Os metais pesados estão intimamente ligados à manutenção da homeostase celular e podem causar toxicidade se a exposição ocorrer de maneira exacerbada. Alumínio, arsênio, mercúrio, cobre e zinco têm capacidade de causar lesões no sistema nervoso central e têm sido relatados como gatilhos no aparecimento de doenças neurodegenerativas como Parkinson e Alzheimer. A exposição exacerbada a esses metais também está relacionada com depressão, problemas cognitivos, autismo, compulsão e transtorno de déficit de atenção com hiperatividade – TDAH. A ação de poluentes e de substâncias tóxicas ao meio ambiente e à saúde do homem torna-se cada vez mais um preocupante fator a ser estudado, especialmente no que se refere às doenças neurodegenerativas. Frente a esta realidade, a presente revisão foi desenvolvida com o objetivo de apresentar alguns dos principais fatores ambientais e nutricionais envolvidos na toxicidade e no aparecimento de danos ao sistema nervoso central.

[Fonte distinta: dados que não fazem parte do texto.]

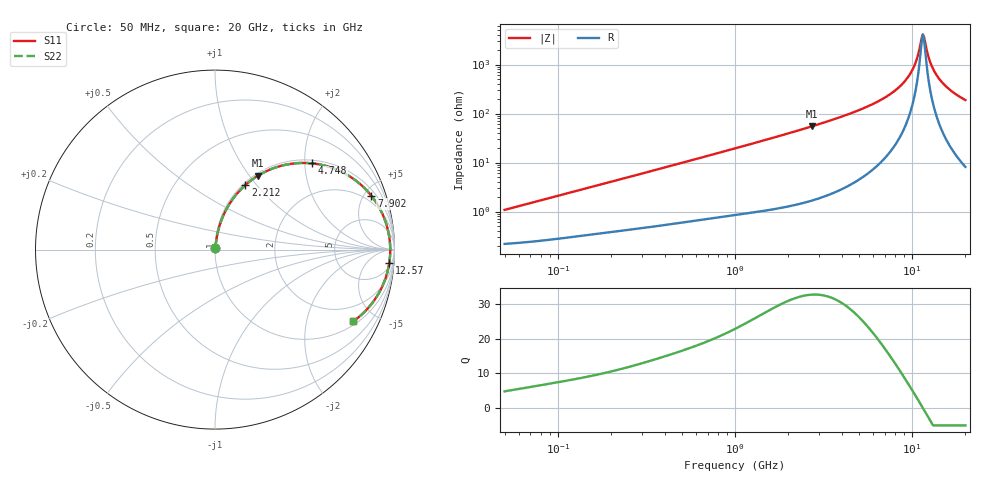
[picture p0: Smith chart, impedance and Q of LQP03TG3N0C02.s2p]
!Murata Part Number: LQP03TG3N0C02
!These Parameters are Measured in Series Mode Connection
!  o--[Z]--o
!Port1  Port2
!  o-------o
!Freq. Start=50[MHz] Stop=20[GHz], 401[Steps]
# Hz S RI R 50
!Freq.(Hz) S11(Real) S11(Imag) S21(Real) S21(Imag) S12(Real) S12(Imag) S22(Real) S22(Imag)
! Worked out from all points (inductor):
!   401 points, 50 MHz to 20 GHz, reference 50 ohm
!   read as one part in series: L = 3.36 nH near 51.52 MHz
!   highest Q = 32.8 at 2.728 GHz (marker M1), where L = 3.22 nH
!   self-resonance near 11.49 GHz
!   S11 on the Smith chart (normalised r, x): 50 MHz: 1.00, +0.02; 2.212 GHz: 1.03, +0.88; 4.748 GHz: 1.08, +2.18; 7.902 GHz: 1.42, +5.65; 12.57 GHz: 8, -23; 20 GHz: 1.16, -3.77
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5e7  0.00229 0.0106  0.9977 -0.0106  0.9977 -0.0106  0.00229 0.0106
1.364002e8  0.00398 0.0278  0.996 -0.0278  0.996 -0.0278  0.00398 0.0278
3.721004e8  0.0104 0.0726  0.9896 -0.0726  0.9896 -0.0726  0.0104 0.0726
1e9  0.044 0.1844  0.956 -0.1844  0.956 -0.1844  0.044 0.1844
2.211938e9  0.1691 0.3595  0.8309 -0.3595  0.8309 -0.3595  0.1691 0.3595
2.728004e9  0.2399 0.4121  0.7601 -0.4121  0.7601 -0.4121  0.2399 0.4121
4.748272e9  0.5412 0.4804  0.4588 -0.4804  0.4588 -0.4804  0.5412 0.4804
6.125241e9  0.7162 0.4279  0.2838 -0.4279  0.2838 -0.4279  0.7162 0.4279
7.442007e9  0.8393 0.336  0.1607 -0.336  0.1607 -0.336  0.8393 0.336
7.901521e9  0.8719 0.2989  0.1281 -0.2989  0.1281 -0.2989  0.8719 0.2989
9.041845e9  0.9312 0.2025  0.0688 -0.2025  0.0688 -0.2025  0.9312 0.2025
9.892087e9  0.958 0.1303  0.042 -0.1303  0.042 -0.1303  0.958 0.1303
1.050288e10  0.9695 0.0798  0.0305 -0.0798  0.0305 -0.0798  0.9695 0.0798
1.115139e10  0.9755 0.0282  0.0245 -0.0282  0.0245 -0.0282  0.9755 0.0282
1.149051e10  0.9764 0.00221  0.0236 -0.00221  0.0236 -0.00221  0.9764 0.00221
1.166392e10  0.9763 -0.0108  0.0237 0.0108  0.0237 0.0108  0.9763 -0.0108
1.183995e10  0.9759 -0.0238  0.0241 0.0238  0.0241 0.0238  0.9759 -0.0238
1.257102e10  0.9708 -0.0756  0.0292 0.0756  0.0292 0.0756  0.9708 -0.0756
1.354865e10  0.9568 -0.1389  0.0432 0.1389  0.0432 0.1389  0.9568 -0.1389
1.482269e10  0.9293 -0.211  0.0707 0.211  0.0707 0.211  0.9293 -0.211
1.696185e10  0.8688 -0.3071  0.1312 0.3071  0.1312 0.3071  0.8688 -0.3071
2e10  0.7713 -0.3989  0.2287 0.3989  0.2287 0.3989  0.7713 -0.3989

Palavras-chave: metais pesados, sistema nervoso central, alumínio, arsênio, mercúrio, cobre e zinco.

Introdução

Os metais pesados podem ser definidos de diferentes maneiras: densidade, número ou peso atômico e propriedades químicas ou de toxicidade. As fontes potenciais de exposição a esses metais incluem fontes naturais como águas subterrâneas e minérios metálicos, processos industriais, produtos comerciais, remédios populares e alimentos contaminados. Entre os metais pesados que possuem sérias implicações para a saúde estão arsênio, alumínio, mercúrio, zinco e cobre.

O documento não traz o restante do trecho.